Esperando, con su hijo, a que le llegue el momento de entrar, se acuerda de esa otra cola, mucho más agradable, aunque muy larga también, de a veces hasta dos horas de espera, que se formaba y se sigue formando para ir a besarle la mano a la Virgen, tal es la devoción que genera y que hace que toda la ciudad reserve, ese día, un hueco en su agenda para ir a verla o, mejor dicho, ese día van a verla y hacen hueco para todo lo demás.

Él lo ha hecho muchos años, y evoca esos tiempos en los que no había hora del fotógrafo, y éste era uno más que tenía que esperar a que la gente le hiciera un espacio para poder inmortalizar el momento, o esperar, siempre esperar, a las horas de menor concurrencia de gente que, con su Virgen, son pocas.

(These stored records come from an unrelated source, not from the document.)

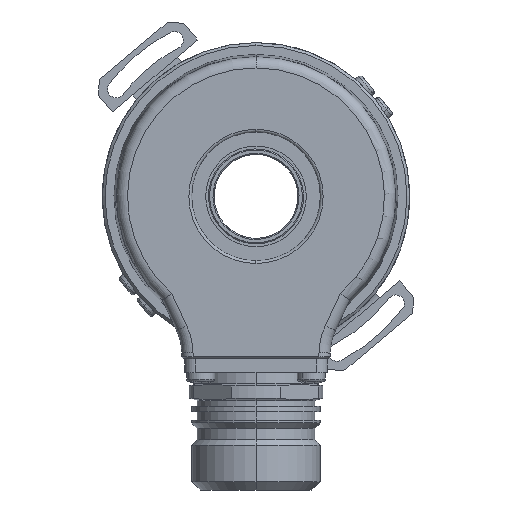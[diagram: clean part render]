
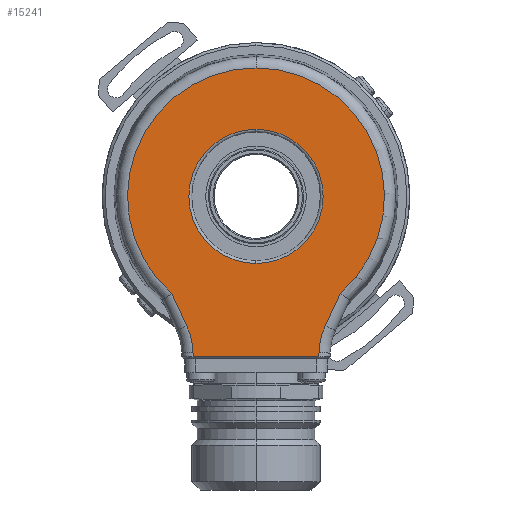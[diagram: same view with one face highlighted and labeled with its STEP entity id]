
A CAD part, left-side view. The second image highlights one B-rep face of the part: STEP entity #15241.
In plain terms, the highlighted planar face has unit normal (-1, 0, 0).
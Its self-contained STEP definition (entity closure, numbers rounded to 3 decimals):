
#6852 = CARTESIAN_POINT ( 'NONE',  ( -21., -11.268, -27.974 ) ) ;
#7216 = CARTESIAN_POINT ( 'NONE',  ( -21., -12.39, -23.112 ) ) ;
#7272 = DIRECTION ( 'NONE',  ( 0., 0., 1. ) ) ;
#7273 = DIRECTION ( 'NONE',  ( -1., 0., 0. ) ) ;
#7274 = CARTESIAN_POINT ( 'NONE',  ( -21., 0., 0. ) ) ;
#7275 = AXIS2_PLACEMENT_3D ( 'NONE', #7274, #7273, #7272 ) ;
#7276 = CIRCLE ( 'NONE', #7275, 22.972 ) ;
#7322 = CARTESIAN_POINT ( 'NONE',  ( -21., -14.953, -17.615 ) ) ;
#7344 = DIRECTION ( 'NONE',  ( 0., -0.423, 0.906 ) ) ;
#7345 = VECTOR ( 'NONE', #7344, 1000. ) ;
#7347 = LINE ( 'NONE', #7322, #7345 ) ;
#7348 = CARTESIAN_POINT ( 'NONE',  ( -21., -15.091, -17.32 ) ) ;
#7349 = DIRECTION ( 'NONE',  ( 0., 0., 1. ) ) ;
#7350 = DIRECTION ( 'NONE',  ( 1., 0., 0. ) ) ;
#7351 = CARTESIAN_POINT ( 'NONE',  ( -21., -23.266, -28.183 ) ) ;
#7352 = AXIS2_PLACEMENT_3D ( 'NONE', #7351, #7350, #7349 ) ;
#7356 = CIRCLE ( 'NONE', #7352, 12. ) ;
#7422 = DIRECTION ( 'NONE',  ( 0., 0., 1. ) ) ;
#7457 = CARTESIAN_POINT ( 'NONE',  ( -21., 15.091, -17.32 ) ) ;
#7458 = CARTESIAN_POINT ( 'NONE',  ( -21., 0., 22.972 ) ) ;
#7459 = DIRECTION ( 'NONE',  ( 0., 0., 1. ) ) ;
#7460 = DIRECTION ( 'NONE',  ( -1., 0., 0. ) ) ;
#7461 = CARTESIAN_POINT ( 'NONE',  ( -21., 0., 0. ) ) ;
#7462 = AXIS2_PLACEMENT_3D ( 'NONE', #7461, #7460, #7459 ) ;
#7463 = CIRCLE ( 'NONE', #7462, 22.972 ) ;
#7474 = DIRECTION ( 'NONE',  ( 1., 0., 0. ) ) ;
#7475 = CARTESIAN_POINT ( 'NONE',  ( -21., 0., 0. ) ) ;
#7476 = AXIS2_PLACEMENT_3D ( 'NONE', #7475, #7474, #7422 ) ;
#7477 = CIRCLE ( 'NONE', #7476, 12. ) ;
#7483 = CARTESIAN_POINT ( 'NONE',  ( -21., 0., -12. ) ) ;
#7552 = CARTESIAN_POINT ( 'NONE',  ( -21., 0., 12. ) ) ;
#7809 = DIRECTION ( 'NONE',  ( 0., -1., 0. ) ) ;
#7810 = VECTOR ( 'NONE', #7809, 1000. ) ;
#7811 = CARTESIAN_POINT ( 'NONE',  ( -21., -11.25, -28.695 ) ) ;
#7812 = LINE ( 'NONE', #7811, #7810 ) ;
#7982 = CARTESIAN_POINT ( 'NONE',  ( -21., -11.255, -28.695 ) ) ;
#8220 = DIRECTION ( 'NONE',  ( 0., -0.423, -0.906 ) ) ;
#8221 = VECTOR ( 'NONE', #8220, 1000. ) ;
#8222 = CARTESIAN_POINT ( 'NONE',  ( -21., 12.39, -23.112 ) ) ;
#8223 = LINE ( 'NONE', #8222, #8221 ) ;
#8224 = CARTESIAN_POINT ( 'NONE',  ( -21., 12.39, -23.112 ) ) ;
#8419 = DIRECTION ( 'NONE',  ( 0., 0., 1. ) ) ;
#8420 = DIRECTION ( 'NONE',  ( 1., 0., 0. ) ) ;
#8421 = CARTESIAN_POINT ( 'NONE',  ( -21., 23.266, -28.183 ) ) ;
#8422 = AXIS2_PLACEMENT_3D ( 'NONE', #8421, #8420, #8419 ) ;
#8423 = CIRCLE ( 'NONE', #8422, 12. ) ;
#8425 = CARTESIAN_POINT ( 'NONE',  ( -21., 11.268, -27.974 ) ) ;
#8703 = CARTESIAN_POINT ( 'NONE',  ( -21., 11.255, -28.695 ) ) ;
#8793 = DIRECTION ( 'NONE',  ( 0., -0.017, -1. ) ) ;
#8794 = VECTOR ( 'NONE', #8793, 1000. ) ;
#8795 = CARTESIAN_POINT ( 'NONE',  ( -21., 11.752, -0.205 ) ) ;
#8796 = LINE ( 'NONE', #8795, #8794 ) ;
#8821 = LINE ( 'NONE', #8908, #8907 ) ;
#8823 = DIRECTION ( 'NONE',  ( 0., 0., 1. ) ) ;
#8824 = DIRECTION ( 'NONE',  ( 1., 0., 0. ) ) ;
#8825 = CARTESIAN_POINT ( 'NONE',  ( -21., 0., 0. ) ) ;
#8826 = AXIS2_PLACEMENT_3D ( 'NONE', #8825, #8824, #8823 ) ;
#8827 = PLANE ( 'NONE',  #8826 ) ;
#8842 = FACE_OUTER_BOUND ( 'NONE', #15245, .T. ) ;
#8843 = FACE_BOUND ( 'NONE', #15242, .T. ) ;
#8844 = DIRECTION ( 'NONE',  ( 0., 0., 1. ) ) ;
#8845 = DIRECTION ( 'NONE',  ( 1., 0., 0. ) ) ;
#8846 = CARTESIAN_POINT ( 'NONE',  ( -21., 0., 0. ) ) ;
#8847 = AXIS2_PLACEMENT_3D ( 'NONE', #8846, #8845, #8844 ) ;
#8874 = CIRCLE ( 'NONE', #8847, 12. ) ;
#8906 = DIRECTION ( 'NONE',  ( 0., -0.017, 1. ) ) ;
#8907 = VECTOR ( 'NONE', #8906, 1000. ) ;
#8908 = CARTESIAN_POINT ( 'NONE',  ( -21., -11.752, -0.205 ) ) ;
#14653 = VERTEX_POINT ( 'NONE', #6852 ) ;
#14660 = VERTEX_POINT ( 'NONE', #7216 ) ;
#14744 = VERTEX_POINT ( 'NONE', #7483 ) ;
#14747 = EDGE_CURVE ( 'NONE', #14835, #14744, #7477, .T. ) ;
#14757 = EDGE_CURVE ( 'NONE', #14653, #14660, #7356, .T. ) ;
#14760 = VERTEX_POINT ( 'NONE', #7348 ) ;
#14762 = EDGE_CURVE ( 'NONE', #14660, #14760, #7347, .T. ) ;
#14768 = EDGE_CURVE ( 'NONE', #14760, #14773, #7276, .T. ) ;
#14772 = EDGE_CURVE ( 'NONE', #14773, #14774, #7463, .T. ) ;
#14773 = VERTEX_POINT ( 'NONE', #7458 ) ;
#14774 = VERTEX_POINT ( 'NONE', #7457 ) ;
#14835 = VERTEX_POINT ( 'NONE', #7552 ) ;
#14952 = EDGE_CURVE ( 'NONE', #15190, #15002, #7812, .T. ) ;
#15002 = VERTEX_POINT ( 'NONE', #7982 ) ;
#15064 = VERTEX_POINT ( 'NONE', #8224 ) ;
#15066 = EDGE_CURVE ( 'NONE', #14774, #15064, #8223, .T. ) ;
#15119 = VERTEX_POINT ( 'NONE', #8425 ) ;
#15121 = EDGE_CURVE ( 'NONE', #15064, #15119, #8423, .T. ) ;
#15190 = VERTEX_POINT ( 'NONE', #8703 ) ;
#15223 = EDGE_CURVE ( 'NONE', #15119, #15190, #8796, .T. ) ;
#15240 = EDGE_CURVE ( 'NONE', #14744, #14835, #8874, .T. ) ;
#15241 = ADVANCED_FACE ( 'NONE', ( #8843, #8842 ), #8827, .F. ) ;
#15242 = EDGE_LOOP ( 'NONE', ( #15243, #15244 ) ) ;
#15243 = ORIENTED_EDGE ( 'NONE', *, *, #14747, .T. ) ;
#15244 = ORIENTED_EDGE ( 'NONE', *, *, #15240, .T. ) ;
#15245 = EDGE_LOOP ( 'NONE', ( #15246, #15247, #15248, #15250, #15251, #15252, #15253, #15254, #15255 ) ) ;
#15246 = ORIENTED_EDGE ( 'NONE', *, *, #15223, .T. ) ;
#15247 = ORIENTED_EDGE ( 'NONE', *, *, #14952, .T. ) ;
#15248 = ORIENTED_EDGE ( 'NONE', *, *, #15249, .T. ) ;
#15249 = EDGE_CURVE ( 'NONE', #15002, #14653, #8821, .T. ) ;
#15250 = ORIENTED_EDGE ( 'NONE', *, *, #14757, .T. ) ;
#15251 = ORIENTED_EDGE ( 'NONE', *, *, #14762, .T. ) ;
#15252 = ORIENTED_EDGE ( 'NONE', *, *, #14768, .T. ) ;
#15253 = ORIENTED_EDGE ( 'NONE', *, *, #14772, .T. ) ;
#15254 = ORIENTED_EDGE ( 'NONE', *, *, #15066, .T. ) ;
#15255 = ORIENTED_EDGE ( 'NONE', *, *, #15121, .T. ) ;

Piensa en aquella vez que lo llevara su padre, por vez primera, como él mimo haría años después con sus hijos, a ver a la Señora el día de su onomástica, motivo por el cual la ponen en besamanos, y su padre le advirtiera de que iban a ver ala Virgen, que es era (y es) su Madre del cielo, porque había bajado de su altar para estar junto a ellos unos días, que era posible que le diera un poco de respeto, que no miedo, porque nunca se le tiene miedo a una Madre, porque Ella era muy grande y el muy pequeño y, además era la primera vez que se veían, por lo que no tenía que preocuparse si esto ocurría. A su cortísima edad, no llegó a entender muy bien las palabras de su padre, sobre todo en lo referente a esa otra Madre, ya que él ya tenía una y la quería mucho, y era la que lo acababa de peinar y ponerle colonia, llevándolo hasta donde estaba su padre para despedirse con un beso que a él siempre le sabía a pan recién horneado. Así que fue dándole vueltas a todo eso en la cabeza, mientras andaban el corto camino hacia el templo.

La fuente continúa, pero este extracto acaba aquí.